# TASK GOAL:
Report the count, and only the count, of lines in the records that include the word "part".

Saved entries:
--
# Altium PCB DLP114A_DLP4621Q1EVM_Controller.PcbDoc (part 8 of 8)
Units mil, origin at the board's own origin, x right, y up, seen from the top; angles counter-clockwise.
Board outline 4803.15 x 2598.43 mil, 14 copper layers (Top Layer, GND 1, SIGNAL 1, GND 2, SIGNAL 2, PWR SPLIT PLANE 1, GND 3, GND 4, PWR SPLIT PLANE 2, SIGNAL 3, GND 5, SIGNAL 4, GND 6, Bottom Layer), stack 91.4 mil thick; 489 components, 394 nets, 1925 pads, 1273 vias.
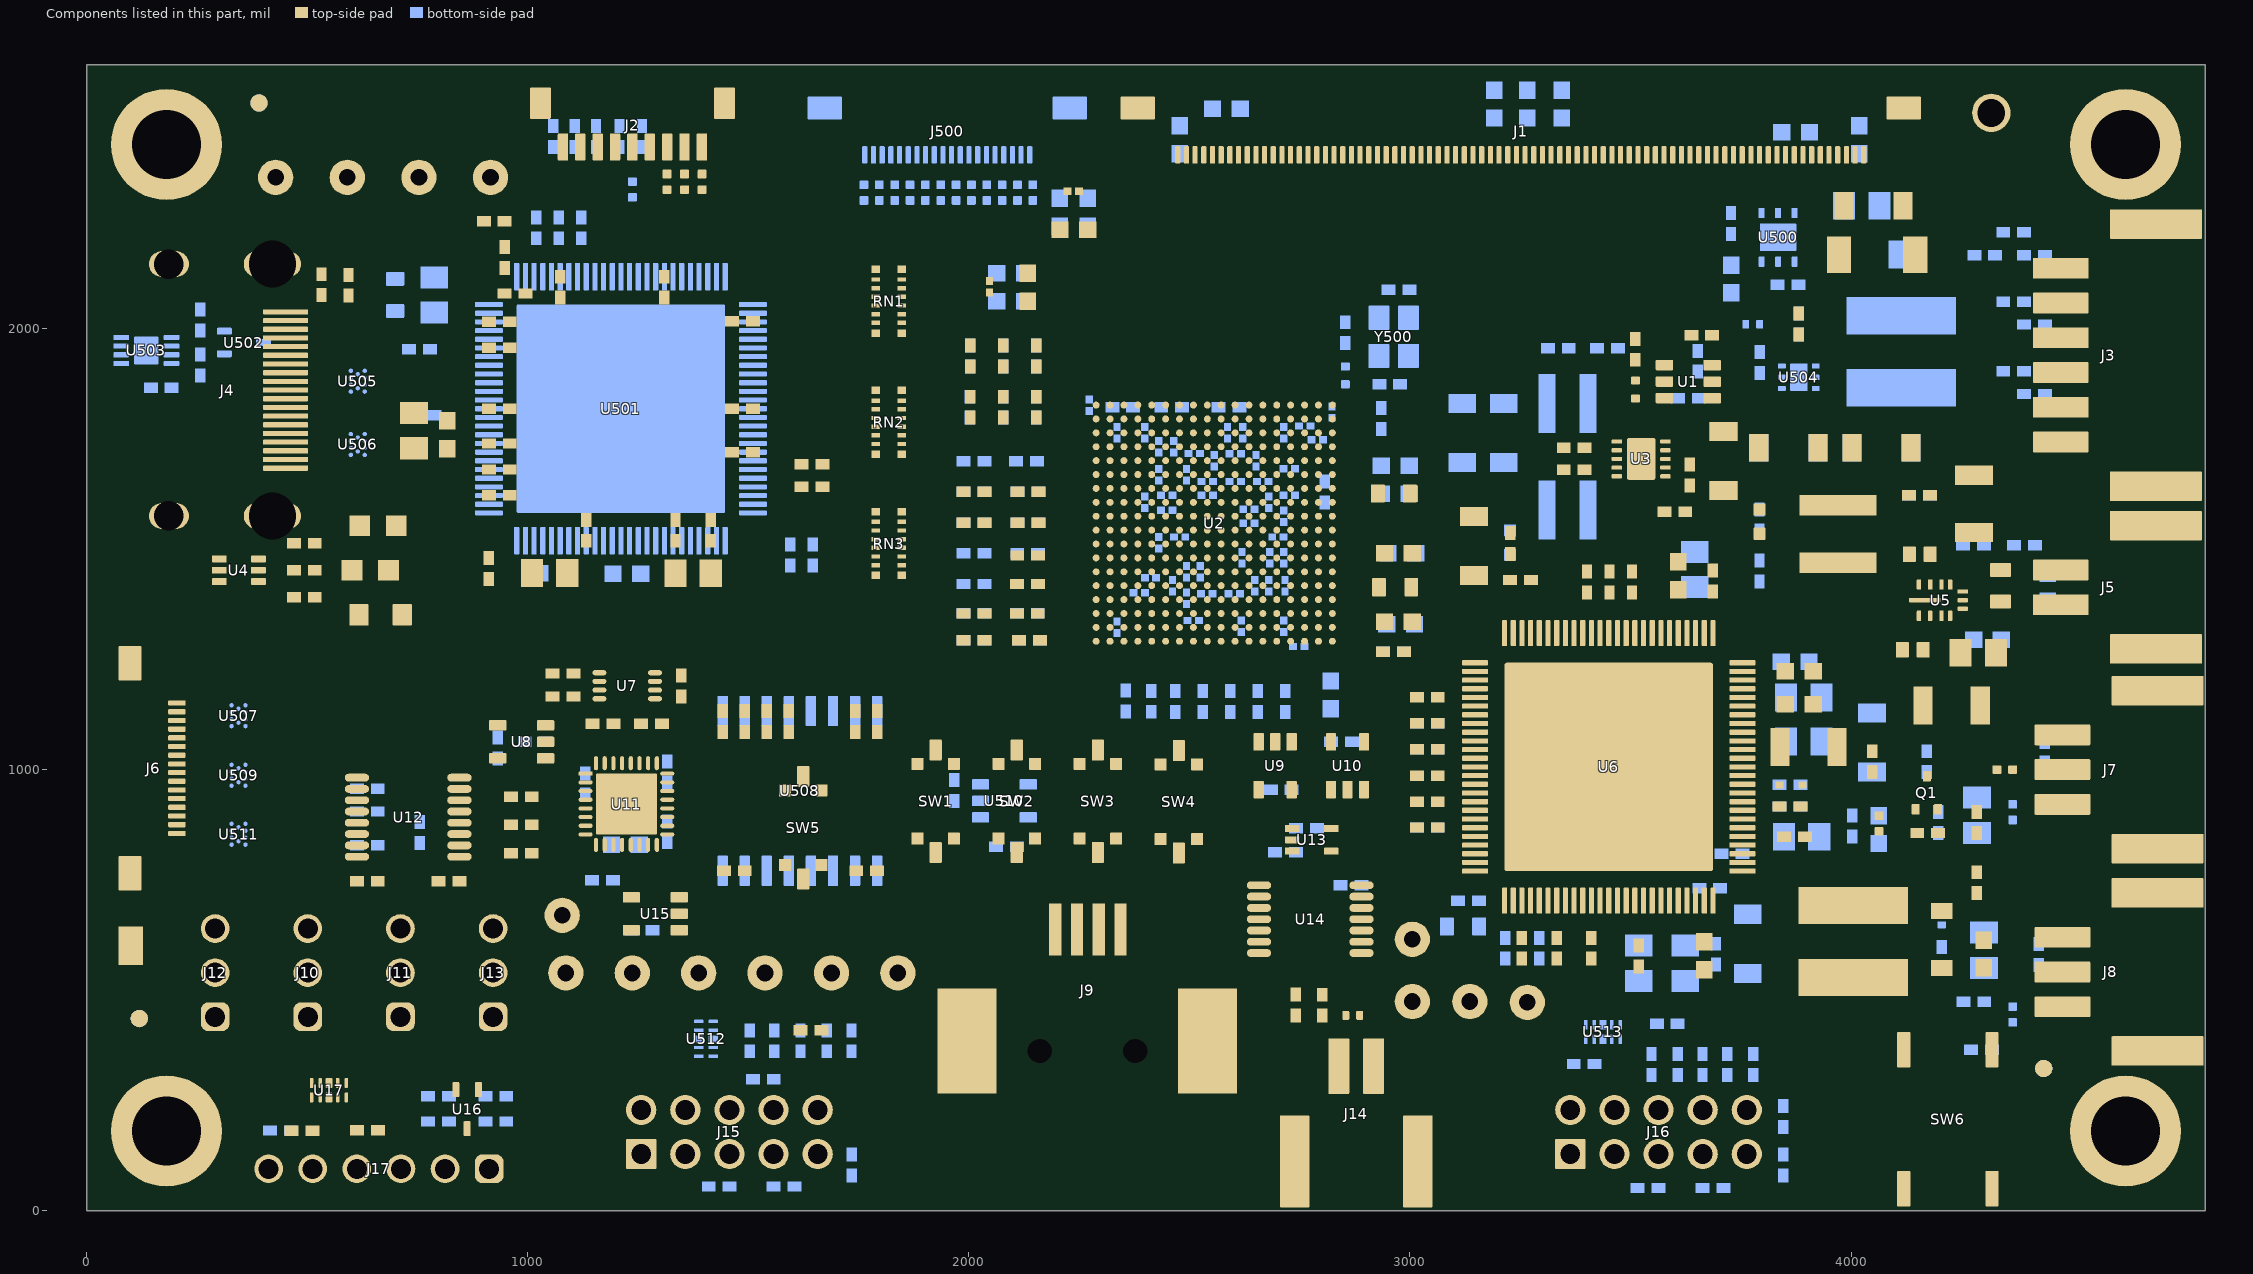
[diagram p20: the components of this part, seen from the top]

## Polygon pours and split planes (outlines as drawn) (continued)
N8V on Bottom Layer "NONET_L-01_P-001" (solid, remove dead copper, pour order 314): 4214.83,1016.03 4260.35,1061.55 4339.43,1061.55 4344.49,1056.5 4344.49,1006.94 4340.09,1002.55 4274.68,1002.55 4236.22,964.09 4184.99,964.09 4163.57,942.67 4013.97,942.67 4009.82,946.83 4009.82,1014.24 4011.61,1016.03
DMD_VRST on Bottom Layer "NONET_L-01_P-001" (solid, remove dead copper, pour order 309): 3244.86,2498.12 3287.33,2498.12 3290.74,2494.71 3290.74,2428.89 3286.34,2424.48 3243.62,2424.48 3239.9,2428.21 3239.9,2496.57 3241.46,2498.14
DMD_VOFS on Bottom Layer "NONET_L-01_P-001" (solid, remove dead copper, pour order 312): 2530.65,2459.41 2530.65,2517.24 2532.86,2519.46 2572.48,2519.46 2574.26,2517.67 2574.26,2430.32 2570.79,2427.3 2570.77,2427.28 2543.45,2427.28 2540.79,2429.94 2540.79,2449.26
DMD_VOFS on Bottom Layer "NONET_L-01_P-001" (solid, remove dead copper, pour order 311): 3323.6,2498.12 3373.61,2498.12 3384.83,2486.9 3384.83,2431.84 3377.47,2424.48 3336.05,2424.48 3318.64,2441.89 3318.64,2496.57 3320.21,2498.14
DMD_VOFS on Bottom Layer "NONET_L-01_P-001" (solid, remove dead copper, pour order 310): 3884.99,2427.07 3884.99,2467.09 3900.29,2482.39 3955.53,2482.39 3961.9,2476.02 3961.9,2433.63 3952.86,2424.59 3887.46,2424.59
DMD_VBIAS on Bottom Layer "NONET_L-01_P-001" (solid, remove dead copper, pour order 308): 3195.36,2498.12 3214.29,2498.12 3225.25,2487.17 3225.25,2430.45 3219.28,2424.48 3178.49,2424.48 3171.65,2431.32 3171.65,2496.51 3173.37,2498.23
P1P8V on Bottom Layer "BOTTOM_LAYER_P1P8V_P207" (solid, pour order 207): 3331.8,1965.29 3331.8,1716.49 3326.37,1711.07 3267.29,1711.07 3261.34,1717.02 3261.34,1766.61 3253.43,1774.52 3092.07,1774.52 3083.79,1782.39 3083.79,1957.65 3095.73,1969.6 3327.49,1969.6
V_DVI_DVDD on Bottom Layer "BOTTOM_LAYER_V_DVI_DVDD_P257" (solid, remove dead copper, pour order 257): 1068.6,1464.8 1068.6,1418.82 1074.85,1412.57 1143.39,1412.57 1148.39,1417.56 1148.39,1465 1141.97,1471.42 1075.22,1471.42
V_DVI_OVDD on Bottom Layer "BOTTOM_LAYER_V_DVI_OVDD_P256" (solid, remove dead copper, pour order 256): 1238.24,1472.71 1339.45,1472.71 1344.59,1467.58 1344.59,1416.59 1338.98,1410.99 1241.35,1410.99 1235.46,1416.87 1235.46,1469.93
V_DVI_PVDD on Bottom Layer "BOTTOM_LAYER_V_DVI_PVDD_P250" (solid, remove dead copper, pour order 250): 670.86,2065.32 826.27,2065.32 831.4,2060.2 831.4,2003.55 825.76,1997.91 755.91,1997.91 746.38,1988.38 672.33,1988.38 666.11,1994.6 666.11,2060.57
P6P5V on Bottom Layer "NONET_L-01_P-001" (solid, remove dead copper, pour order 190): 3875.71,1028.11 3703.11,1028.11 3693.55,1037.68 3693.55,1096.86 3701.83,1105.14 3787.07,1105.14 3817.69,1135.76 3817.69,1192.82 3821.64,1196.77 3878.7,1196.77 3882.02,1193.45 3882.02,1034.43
--
# RESULT FOR THIS EXERCISE:
2